As he stood at the foot of the mountain, pondering upon this strange ending of his visionary quest, an old man drew near, riding upon a mule and leading a war-steed fully caparisoned, with saddle and bridle and trappings of velvet and gold. Across the saddle bows lay a sword, sheathed in its scabbard, but whose hilt fairly shone with its wealth of priceless gems. The horse was his own lost Brigliadoro, and the sword was Durandal.

"Sir knight," said the old man very courteously, "allow me to be your squire. I bring you your horse and sword. Mount, I pray you, and let us hasten back to France and to Charlemagne, who is in need of your help."

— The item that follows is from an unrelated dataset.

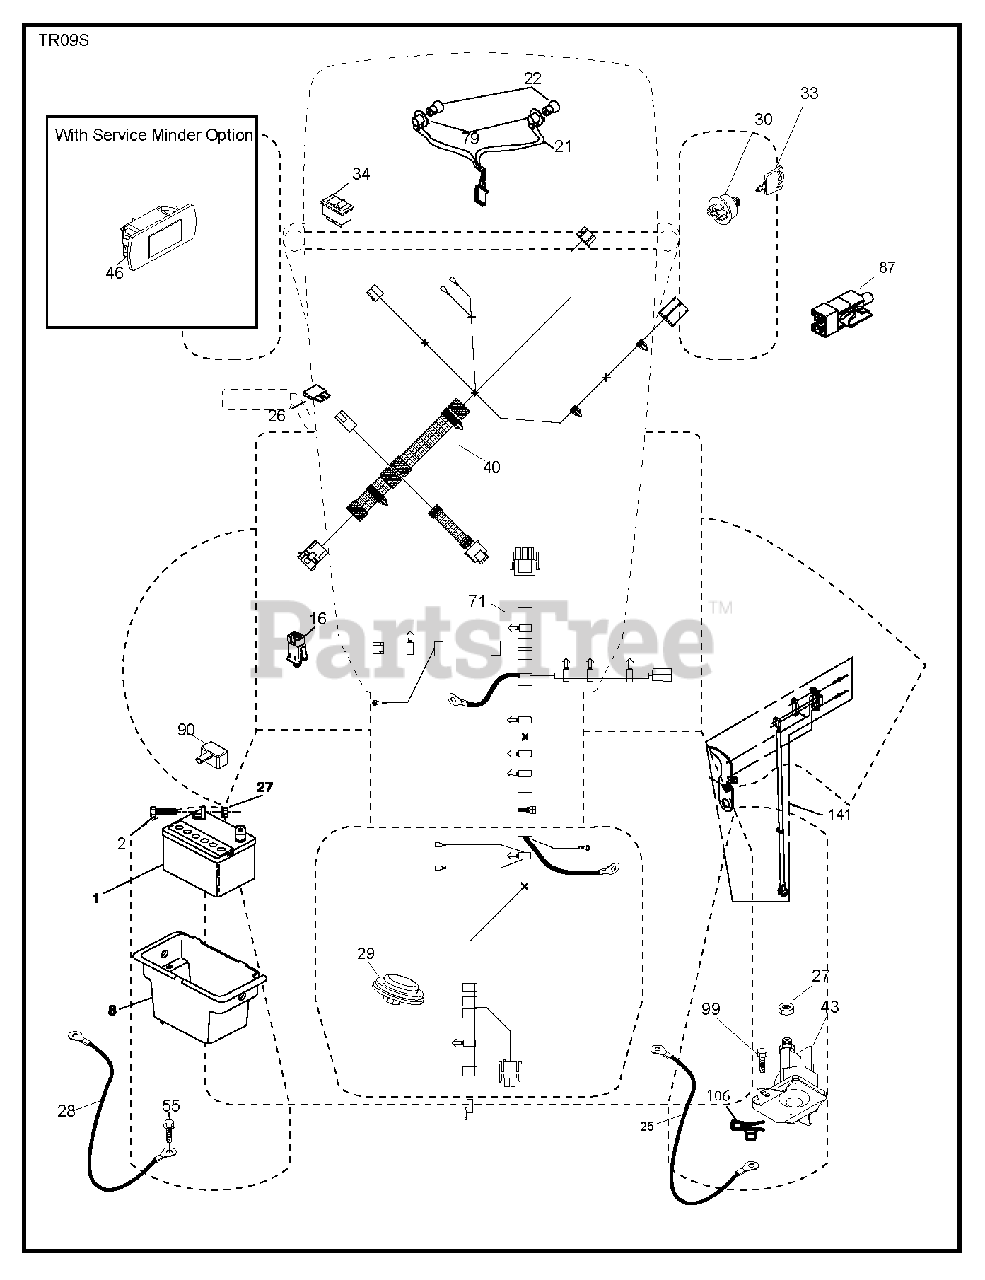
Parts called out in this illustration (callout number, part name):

"But the arms of Hector are not yet mine," answered Roland; "and I doubt if I may honorably return without them."

"You can scarcely do otherwise," answered the squire; "for while you waited and dreamed, and hesitated to seize the fairy by the forelock, another knight, a Tartar prince, went boldly in, and seized the prize and bore it away. And he is even now well on his way toward France; for he has vowed that he will win from you the sword Durandal, and thus make all of Hector's matchless arms his own."

Then Roland mounted Brigliadoro, and, followed by the good squire, rode bravely back toward France. But he coveted no longer the arms of Trojan Hector, and felt only happy in the possession of his own.